Output a faithful copy of the entries, every picture removed.
◆ ◆ ◆ ◆ ◆ ◆ ◆
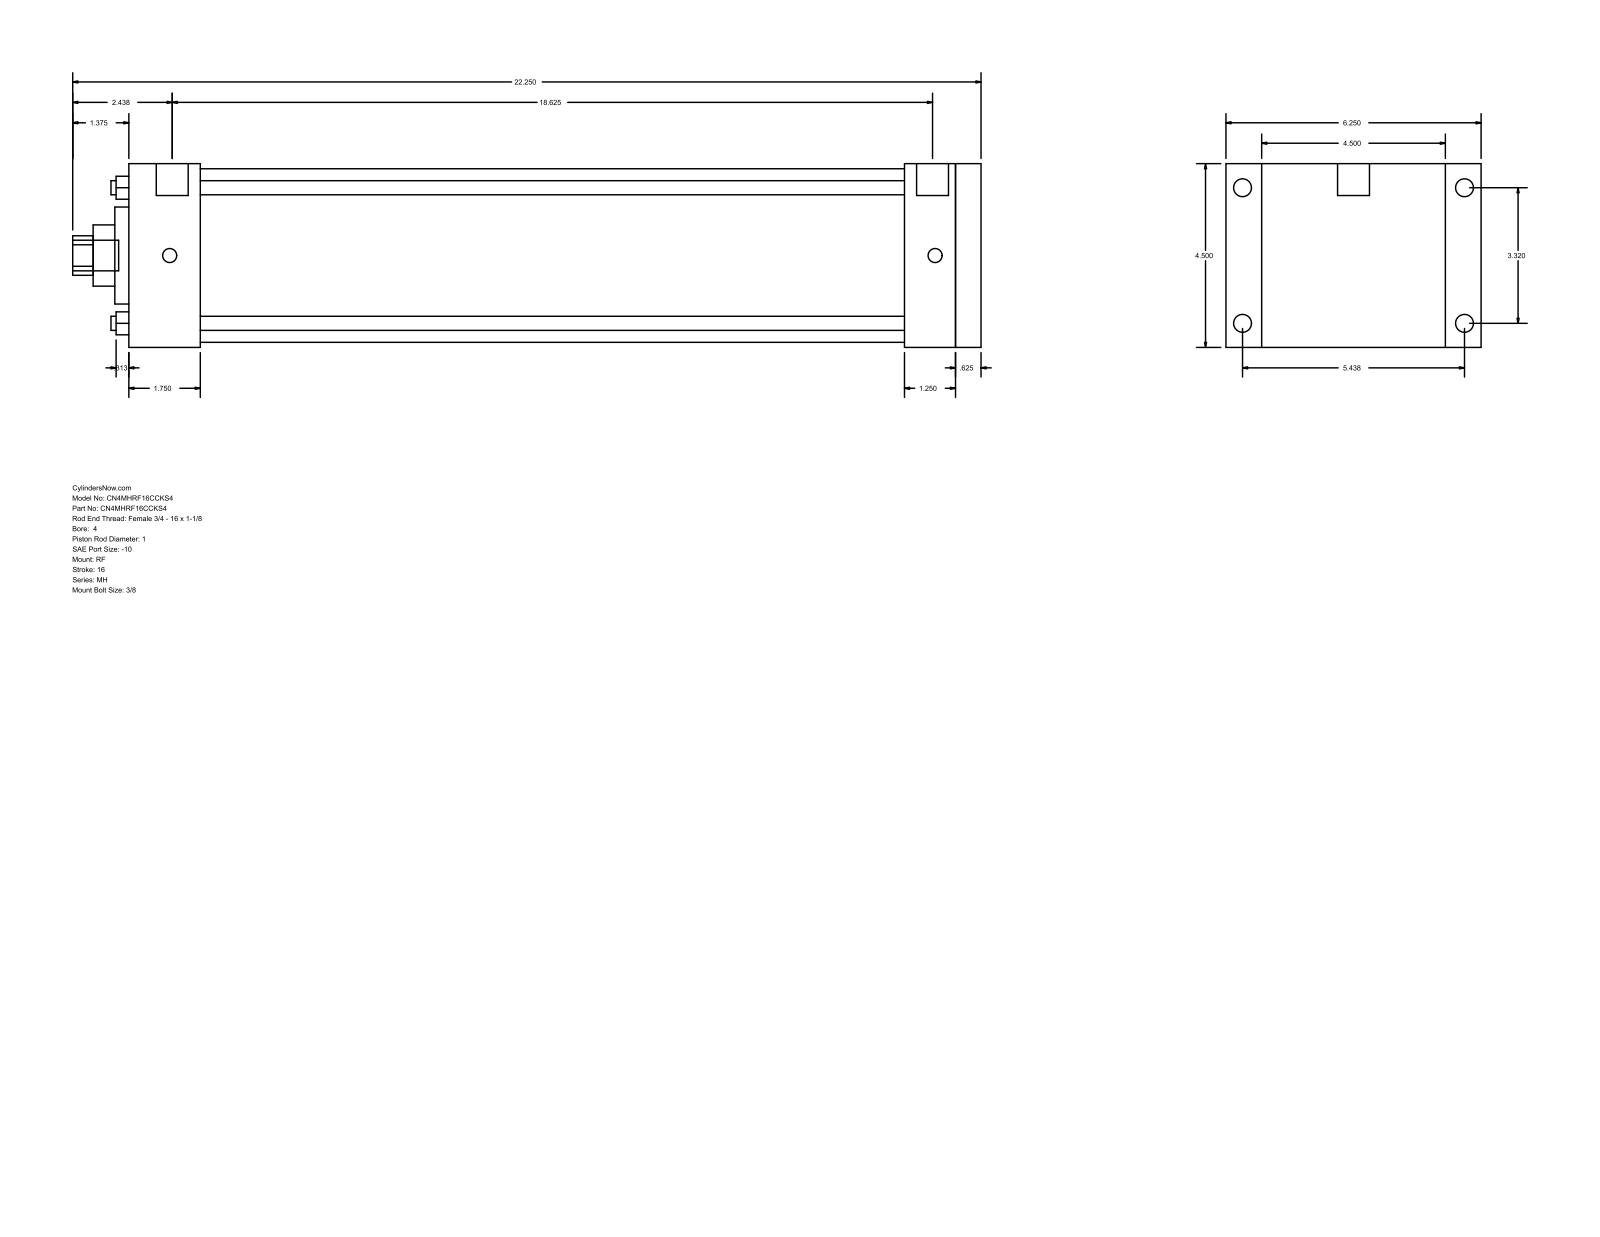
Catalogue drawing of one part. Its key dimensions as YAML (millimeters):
part_name: "MH_RF__0400_1"
step_written_by: "GSSL Pune (CONFIG_CONTROL_DESIGN)"
units: millimeters
bodies: {solids: 0, faces: 94, planar: 65, cylindrical: 29, other: 0}
overall_size: [565.15, 158.75, 114.3]
round_holes:
  - {diameter: 8.76, count: 4}
  - {diameter: 25.4, count: 1}
  - {diameter: 38.1, count: 1}
  - {diameter: 60.33, count: 1}
  - {diameter: 107.95, count: 1}
round_bosses_or_shafts:
  - {diameter: 11.13, count: 4}
  - {diameter: 8.73, count: 4}
  - {diameter: 19.84, count: 2}
  - {diameter: 19.05, count: 1}
partial_cylinders:
  - {radius: 12.29, count: 1}
face_to_face_distances: [114.3, 530.23, 514.35, 15.88, 47.63, 44.46, 469.89, 485.77, 482.6, 438.14]
hole_center_spacings: [59.62, 84.32, 119.25]
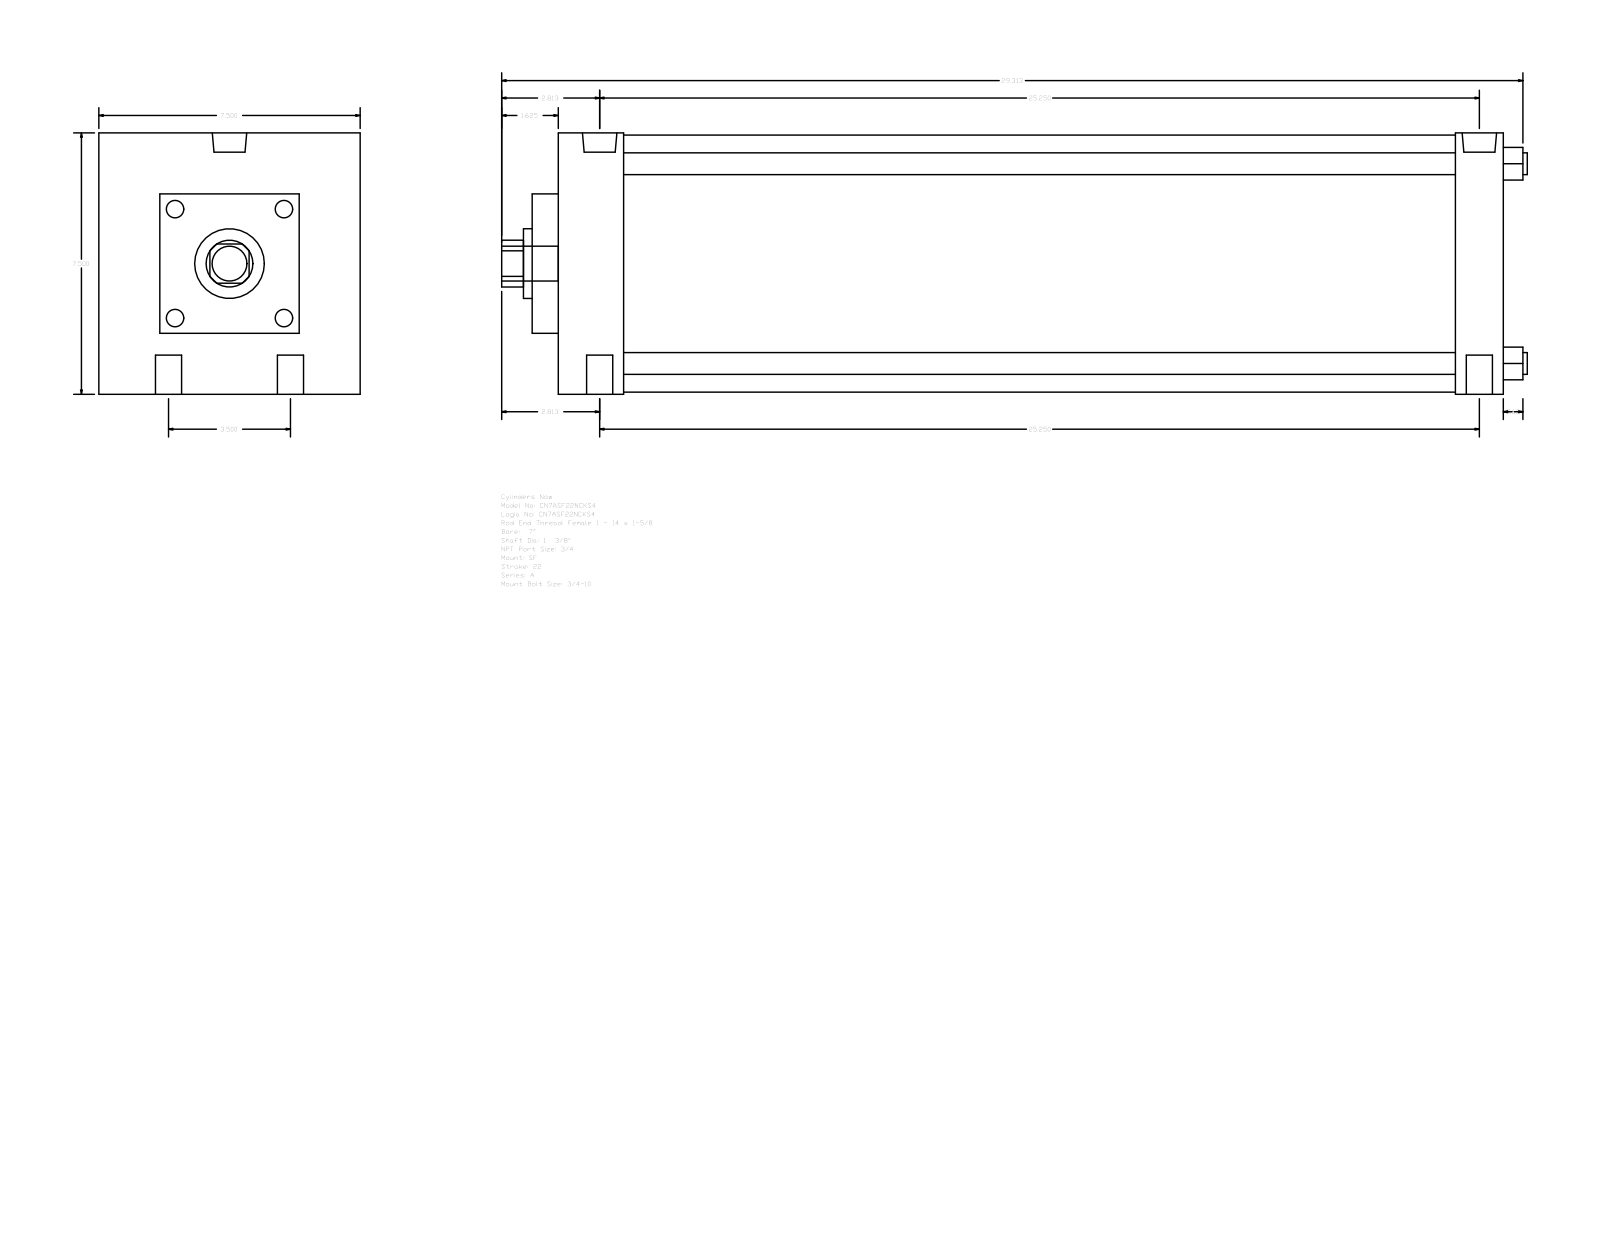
◆ ◆ ◆ ◆ ◆ ◆ ◆
REPLY >>
Catalogue drawing of one part. Its key dimensions as YAML (millimeters):
part_name: "MH_RF__0400_1"
step_written_by: "GSSL Pune (CONFIG_CONTROL_DESIGN)"
units: millimeters
bodies: {solids: 0, faces: 94, planar: 65, cylindrical: 29, other: 0}
overall_size: [565.15, 158.75, 114.3]
round_holes:
  - {diameter: 8.76, count: 4}
  - {diameter: 25.4, count: 1}
  - {diameter: 38.1, count: 1}
  - {diameter: 60.33, count: 1}
  - {diameter: 107.95, count: 1}
round_bosses_or_shafts:
  - {diameter: 11.13, count: 4}
  - {diameter: 8.73, count: 4}
  - {diameter: 19.84, count: 2}
  - {diameter: 19.05, count: 1}
partial_cylinders:
  - {radius: 12.29, count: 1}
face_to_face_distances: [114.3, 530.23, 514.35, 15.88, 47.63, 44.46, 469.89, 485.77, 482.6, 438.14]
hole_center_spacings: [59.62, 84.32, 119.25]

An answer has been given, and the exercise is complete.